> Requirement
Of the entries below, restate word for word only the section that runs from the line with "OSC-: C2.2 U1.13(B:PH1/OSC_OUT) X1.P$1" to the line with "SPI1_SS2: JP8.9 U1.35(A:PB0)", counting both ends.

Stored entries
══════════════════════════════

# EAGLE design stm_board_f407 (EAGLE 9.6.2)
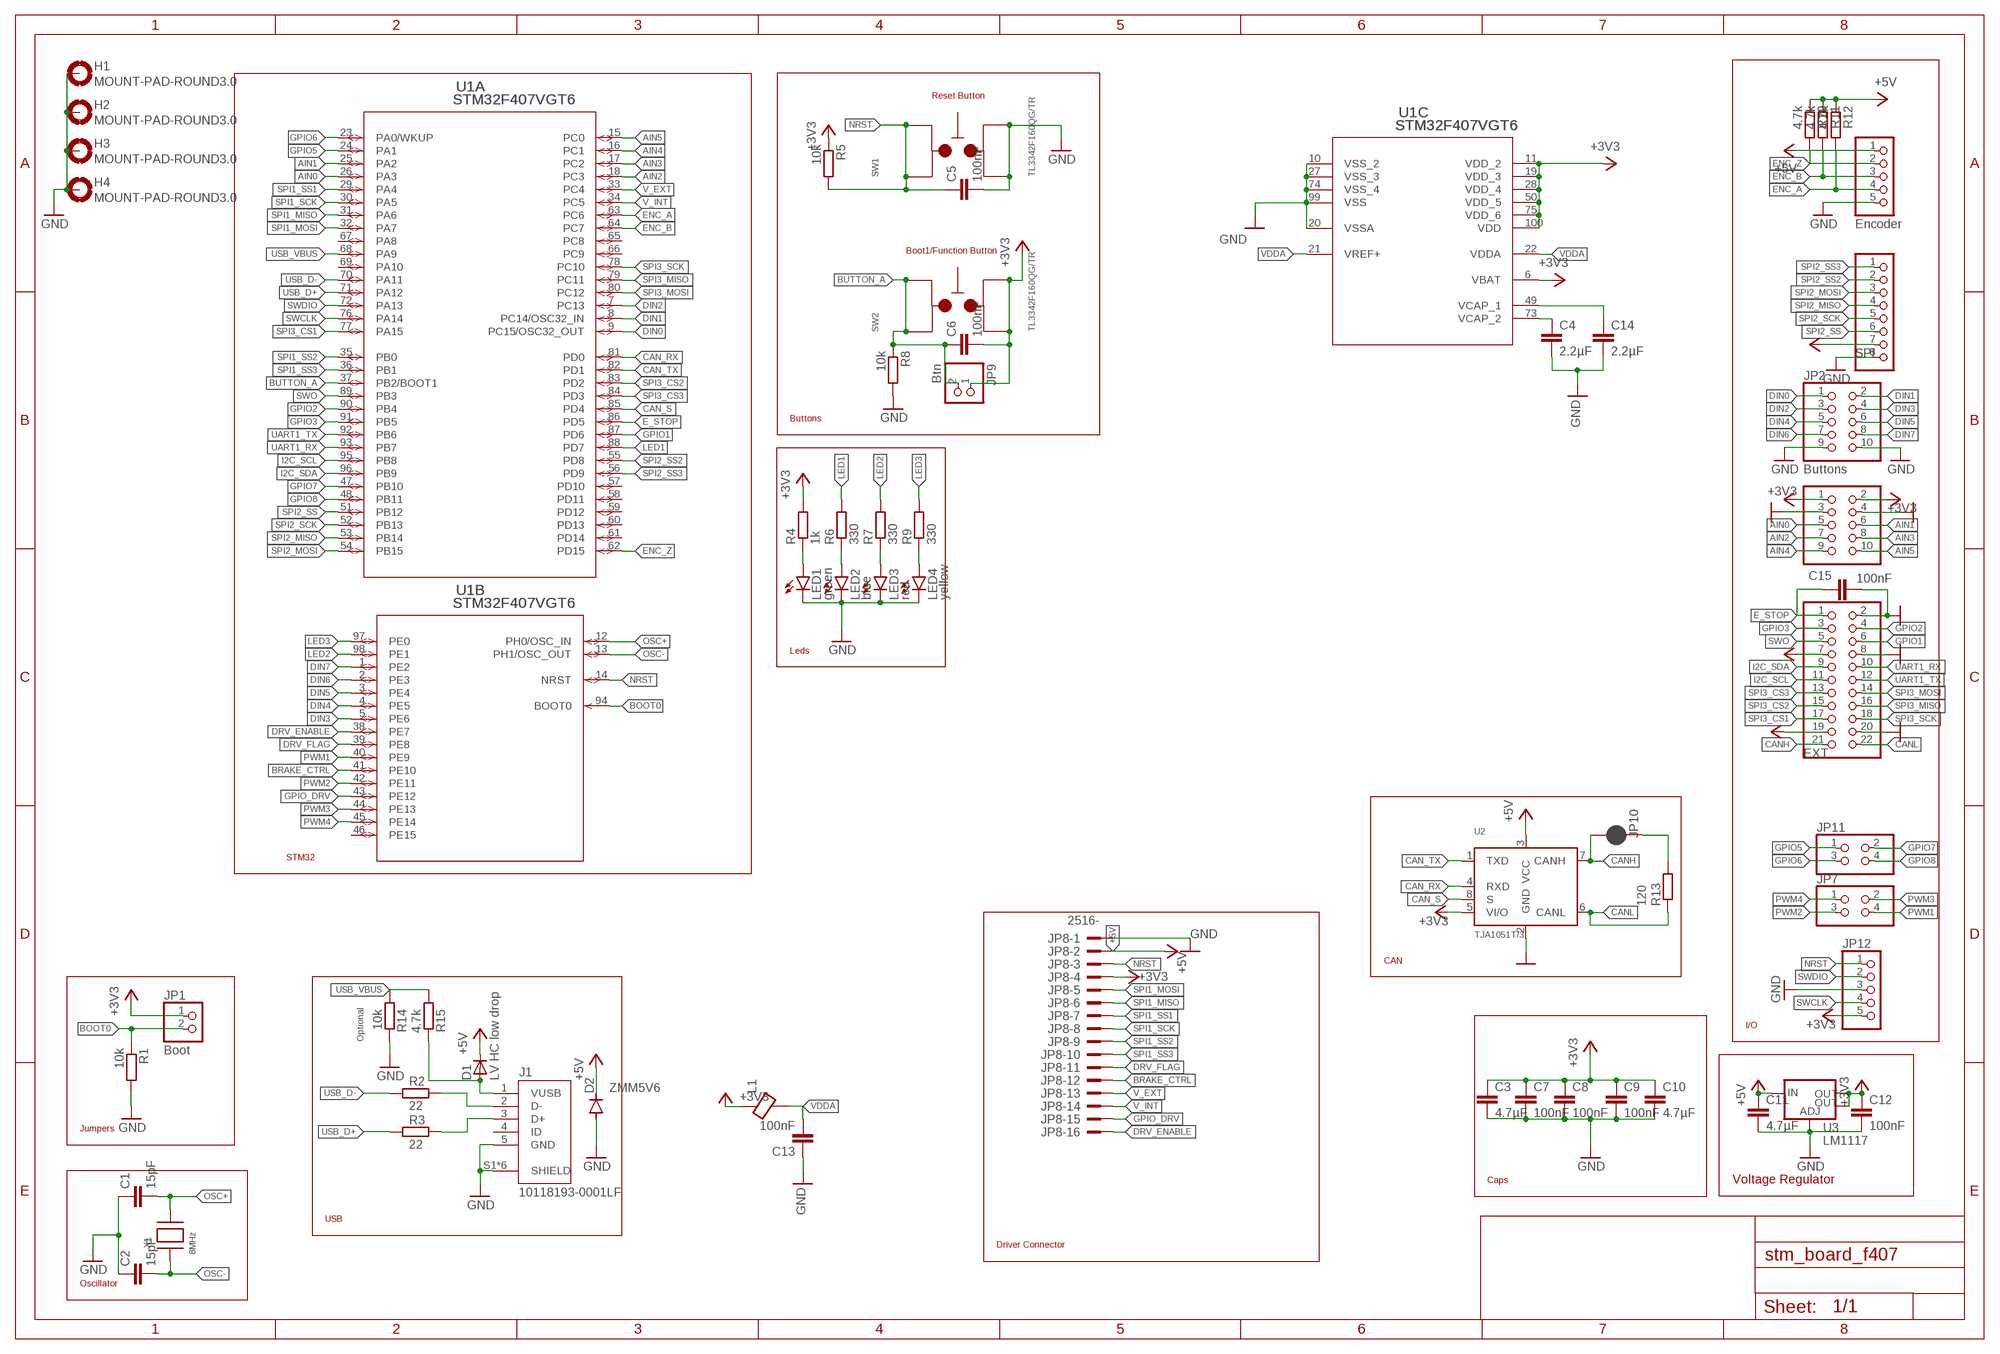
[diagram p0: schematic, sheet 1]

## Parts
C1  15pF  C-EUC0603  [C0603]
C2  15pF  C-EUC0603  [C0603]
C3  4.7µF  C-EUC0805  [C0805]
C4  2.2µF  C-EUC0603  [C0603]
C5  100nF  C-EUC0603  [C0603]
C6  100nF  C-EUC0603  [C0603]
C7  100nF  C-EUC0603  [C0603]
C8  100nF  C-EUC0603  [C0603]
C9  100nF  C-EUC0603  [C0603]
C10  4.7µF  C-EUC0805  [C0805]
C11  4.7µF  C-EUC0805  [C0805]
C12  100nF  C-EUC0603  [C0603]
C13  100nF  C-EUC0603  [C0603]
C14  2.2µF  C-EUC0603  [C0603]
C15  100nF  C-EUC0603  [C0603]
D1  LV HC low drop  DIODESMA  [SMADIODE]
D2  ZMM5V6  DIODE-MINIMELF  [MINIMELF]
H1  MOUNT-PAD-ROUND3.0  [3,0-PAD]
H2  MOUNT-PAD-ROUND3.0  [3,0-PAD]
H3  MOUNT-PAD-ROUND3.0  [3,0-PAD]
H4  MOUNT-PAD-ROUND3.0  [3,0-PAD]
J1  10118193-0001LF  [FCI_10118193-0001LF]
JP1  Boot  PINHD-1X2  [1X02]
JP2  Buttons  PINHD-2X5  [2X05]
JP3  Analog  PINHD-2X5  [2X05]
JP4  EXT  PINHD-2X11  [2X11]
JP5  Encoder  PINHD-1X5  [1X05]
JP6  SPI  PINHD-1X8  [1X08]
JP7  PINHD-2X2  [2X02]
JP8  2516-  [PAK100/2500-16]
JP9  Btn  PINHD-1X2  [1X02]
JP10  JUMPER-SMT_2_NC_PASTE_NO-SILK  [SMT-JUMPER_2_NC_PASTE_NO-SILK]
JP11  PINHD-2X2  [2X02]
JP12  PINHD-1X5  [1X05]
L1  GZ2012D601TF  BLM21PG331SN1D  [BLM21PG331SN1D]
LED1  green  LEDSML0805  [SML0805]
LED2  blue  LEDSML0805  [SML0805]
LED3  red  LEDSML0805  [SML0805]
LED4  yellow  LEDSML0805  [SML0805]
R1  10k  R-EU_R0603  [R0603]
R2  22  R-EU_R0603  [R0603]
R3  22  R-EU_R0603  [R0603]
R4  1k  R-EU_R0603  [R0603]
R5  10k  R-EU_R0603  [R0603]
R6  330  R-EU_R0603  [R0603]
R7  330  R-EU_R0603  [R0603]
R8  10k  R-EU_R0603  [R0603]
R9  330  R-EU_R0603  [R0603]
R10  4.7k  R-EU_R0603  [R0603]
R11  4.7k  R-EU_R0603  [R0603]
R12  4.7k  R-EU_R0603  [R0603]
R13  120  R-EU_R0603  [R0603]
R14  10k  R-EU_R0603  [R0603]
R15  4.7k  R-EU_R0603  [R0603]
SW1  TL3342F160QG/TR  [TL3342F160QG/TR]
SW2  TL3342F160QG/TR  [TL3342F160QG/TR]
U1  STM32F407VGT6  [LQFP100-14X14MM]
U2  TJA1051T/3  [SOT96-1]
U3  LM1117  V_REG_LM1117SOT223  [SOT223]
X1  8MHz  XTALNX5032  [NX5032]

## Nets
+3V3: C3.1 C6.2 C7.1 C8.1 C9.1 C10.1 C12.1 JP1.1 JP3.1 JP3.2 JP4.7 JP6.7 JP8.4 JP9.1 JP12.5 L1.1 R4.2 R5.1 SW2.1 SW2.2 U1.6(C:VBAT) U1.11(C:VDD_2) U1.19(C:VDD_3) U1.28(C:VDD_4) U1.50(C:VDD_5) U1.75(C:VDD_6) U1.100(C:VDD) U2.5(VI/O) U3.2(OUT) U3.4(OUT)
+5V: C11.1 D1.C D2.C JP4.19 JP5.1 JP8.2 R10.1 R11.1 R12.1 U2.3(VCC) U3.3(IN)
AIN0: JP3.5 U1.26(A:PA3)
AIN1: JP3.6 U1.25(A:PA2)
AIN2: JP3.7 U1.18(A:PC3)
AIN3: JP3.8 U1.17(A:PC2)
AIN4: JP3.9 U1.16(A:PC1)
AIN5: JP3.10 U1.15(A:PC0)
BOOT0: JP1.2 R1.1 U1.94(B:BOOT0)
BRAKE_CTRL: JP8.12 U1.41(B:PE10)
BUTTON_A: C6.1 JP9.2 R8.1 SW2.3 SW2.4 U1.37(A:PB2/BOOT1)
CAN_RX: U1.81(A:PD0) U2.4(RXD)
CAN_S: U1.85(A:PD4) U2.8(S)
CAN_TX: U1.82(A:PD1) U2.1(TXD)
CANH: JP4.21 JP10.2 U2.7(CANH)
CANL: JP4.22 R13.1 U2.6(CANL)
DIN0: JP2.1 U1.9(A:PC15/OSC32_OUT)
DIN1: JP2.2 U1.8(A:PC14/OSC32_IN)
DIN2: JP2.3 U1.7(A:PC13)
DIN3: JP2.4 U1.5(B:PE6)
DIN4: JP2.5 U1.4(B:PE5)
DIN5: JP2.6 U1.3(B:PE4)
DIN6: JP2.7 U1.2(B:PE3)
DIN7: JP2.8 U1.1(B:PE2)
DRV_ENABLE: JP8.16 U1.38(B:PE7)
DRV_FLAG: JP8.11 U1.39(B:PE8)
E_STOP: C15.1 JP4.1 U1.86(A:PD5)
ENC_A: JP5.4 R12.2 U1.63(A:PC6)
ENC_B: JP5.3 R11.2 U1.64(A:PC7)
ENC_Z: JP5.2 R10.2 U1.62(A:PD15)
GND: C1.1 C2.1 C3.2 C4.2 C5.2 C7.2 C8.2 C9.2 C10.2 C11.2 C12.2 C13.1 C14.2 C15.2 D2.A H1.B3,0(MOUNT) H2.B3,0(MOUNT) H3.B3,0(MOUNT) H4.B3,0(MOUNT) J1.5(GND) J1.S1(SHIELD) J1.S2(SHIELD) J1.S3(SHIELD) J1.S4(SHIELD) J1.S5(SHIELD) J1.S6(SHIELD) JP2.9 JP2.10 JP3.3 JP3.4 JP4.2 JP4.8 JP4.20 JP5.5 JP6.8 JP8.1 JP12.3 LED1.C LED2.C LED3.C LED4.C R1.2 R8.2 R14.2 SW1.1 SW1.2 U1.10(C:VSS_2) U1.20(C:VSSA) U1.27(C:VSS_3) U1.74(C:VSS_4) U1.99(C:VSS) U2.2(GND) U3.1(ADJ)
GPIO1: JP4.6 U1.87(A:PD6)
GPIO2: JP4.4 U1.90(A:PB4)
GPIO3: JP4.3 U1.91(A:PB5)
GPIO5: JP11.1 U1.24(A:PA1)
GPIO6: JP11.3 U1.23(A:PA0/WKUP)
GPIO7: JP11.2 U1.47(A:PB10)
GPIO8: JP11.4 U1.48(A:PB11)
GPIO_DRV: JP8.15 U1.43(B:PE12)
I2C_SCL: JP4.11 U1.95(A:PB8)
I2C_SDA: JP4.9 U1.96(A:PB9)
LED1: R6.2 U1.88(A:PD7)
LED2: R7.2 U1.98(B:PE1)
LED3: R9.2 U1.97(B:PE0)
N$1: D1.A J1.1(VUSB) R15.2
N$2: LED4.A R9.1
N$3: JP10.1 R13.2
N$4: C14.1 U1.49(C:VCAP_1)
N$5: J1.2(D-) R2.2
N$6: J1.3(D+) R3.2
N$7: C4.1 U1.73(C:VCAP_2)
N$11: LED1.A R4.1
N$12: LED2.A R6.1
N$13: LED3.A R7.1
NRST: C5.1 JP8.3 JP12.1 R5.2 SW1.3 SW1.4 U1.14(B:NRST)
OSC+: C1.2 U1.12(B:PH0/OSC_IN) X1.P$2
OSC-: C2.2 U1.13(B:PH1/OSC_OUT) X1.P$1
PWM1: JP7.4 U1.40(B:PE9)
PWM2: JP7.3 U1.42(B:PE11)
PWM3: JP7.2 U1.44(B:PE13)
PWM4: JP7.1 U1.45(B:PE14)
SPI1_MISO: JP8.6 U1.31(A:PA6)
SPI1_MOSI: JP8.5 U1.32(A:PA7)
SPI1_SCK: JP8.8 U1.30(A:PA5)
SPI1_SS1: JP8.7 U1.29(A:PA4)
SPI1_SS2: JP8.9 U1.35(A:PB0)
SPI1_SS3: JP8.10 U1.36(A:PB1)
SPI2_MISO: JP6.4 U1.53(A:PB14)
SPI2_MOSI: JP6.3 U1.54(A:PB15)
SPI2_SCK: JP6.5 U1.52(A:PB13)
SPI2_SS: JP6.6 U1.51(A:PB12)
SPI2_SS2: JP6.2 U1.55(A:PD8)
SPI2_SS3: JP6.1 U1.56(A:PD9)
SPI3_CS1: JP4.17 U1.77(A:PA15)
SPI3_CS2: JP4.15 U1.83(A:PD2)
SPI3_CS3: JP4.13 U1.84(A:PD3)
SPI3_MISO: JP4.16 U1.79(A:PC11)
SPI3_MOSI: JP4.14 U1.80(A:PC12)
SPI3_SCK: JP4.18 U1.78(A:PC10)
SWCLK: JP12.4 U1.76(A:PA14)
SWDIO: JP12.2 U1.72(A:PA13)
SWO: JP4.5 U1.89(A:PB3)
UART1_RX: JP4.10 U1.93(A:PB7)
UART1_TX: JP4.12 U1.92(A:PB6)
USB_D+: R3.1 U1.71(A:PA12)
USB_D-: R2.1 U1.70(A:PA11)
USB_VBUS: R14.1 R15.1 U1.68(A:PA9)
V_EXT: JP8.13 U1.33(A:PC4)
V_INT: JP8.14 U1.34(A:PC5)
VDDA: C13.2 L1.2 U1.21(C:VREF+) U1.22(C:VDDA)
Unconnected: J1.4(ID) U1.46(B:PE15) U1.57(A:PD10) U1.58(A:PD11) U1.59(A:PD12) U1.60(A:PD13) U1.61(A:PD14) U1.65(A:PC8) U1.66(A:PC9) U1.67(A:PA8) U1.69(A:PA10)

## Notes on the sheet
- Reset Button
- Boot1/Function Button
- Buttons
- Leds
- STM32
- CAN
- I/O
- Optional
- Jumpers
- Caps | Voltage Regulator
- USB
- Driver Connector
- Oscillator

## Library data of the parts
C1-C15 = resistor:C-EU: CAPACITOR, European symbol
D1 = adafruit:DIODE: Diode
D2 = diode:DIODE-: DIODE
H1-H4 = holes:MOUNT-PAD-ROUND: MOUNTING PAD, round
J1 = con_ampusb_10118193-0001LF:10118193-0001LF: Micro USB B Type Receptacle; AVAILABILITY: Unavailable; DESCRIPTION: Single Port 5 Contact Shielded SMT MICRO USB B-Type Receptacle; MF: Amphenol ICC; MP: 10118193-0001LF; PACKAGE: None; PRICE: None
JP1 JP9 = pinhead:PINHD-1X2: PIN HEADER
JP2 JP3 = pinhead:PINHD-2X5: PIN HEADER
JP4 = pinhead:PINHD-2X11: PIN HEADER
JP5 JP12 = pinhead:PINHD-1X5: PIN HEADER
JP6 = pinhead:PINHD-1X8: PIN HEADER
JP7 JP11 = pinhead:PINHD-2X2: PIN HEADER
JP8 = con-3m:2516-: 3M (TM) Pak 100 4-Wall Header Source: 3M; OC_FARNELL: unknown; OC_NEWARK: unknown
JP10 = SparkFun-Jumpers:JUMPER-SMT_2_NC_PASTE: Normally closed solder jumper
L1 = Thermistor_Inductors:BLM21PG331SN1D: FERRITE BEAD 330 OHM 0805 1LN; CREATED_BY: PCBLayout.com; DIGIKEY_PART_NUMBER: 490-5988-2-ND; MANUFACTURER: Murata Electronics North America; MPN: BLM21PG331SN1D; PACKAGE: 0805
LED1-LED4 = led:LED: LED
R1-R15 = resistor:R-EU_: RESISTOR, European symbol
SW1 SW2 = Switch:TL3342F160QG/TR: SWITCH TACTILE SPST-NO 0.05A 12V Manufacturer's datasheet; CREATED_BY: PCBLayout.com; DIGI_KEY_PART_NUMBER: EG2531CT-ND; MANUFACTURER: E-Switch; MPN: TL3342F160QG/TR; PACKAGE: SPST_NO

══════════════════════════════

> Exercise response
OSC-: C2.2 U1.13(B:PH1/OSC_OUT) X1.P$1
PWM1: JP7.4 U1.40(B:PE9)
PWM2: JP7.3 U1.42(B:PE11)
PWM3: JP7.2 U1.44(B:PE13)
PWM4: JP7.1 U1.45(B:PE14)
SPI1_MISO: JP8.6 U1.31(A:PA6)
SPI1_MOSI: JP8.5 U1.32(A:PA7)
SPI1_SCK: JP8.8 U1.30(A:PA5)
SPI1_SS1: JP8.7 U1.29(A:PA4)
SPI1_SS2: JP8.9 U1.35(A:PB0)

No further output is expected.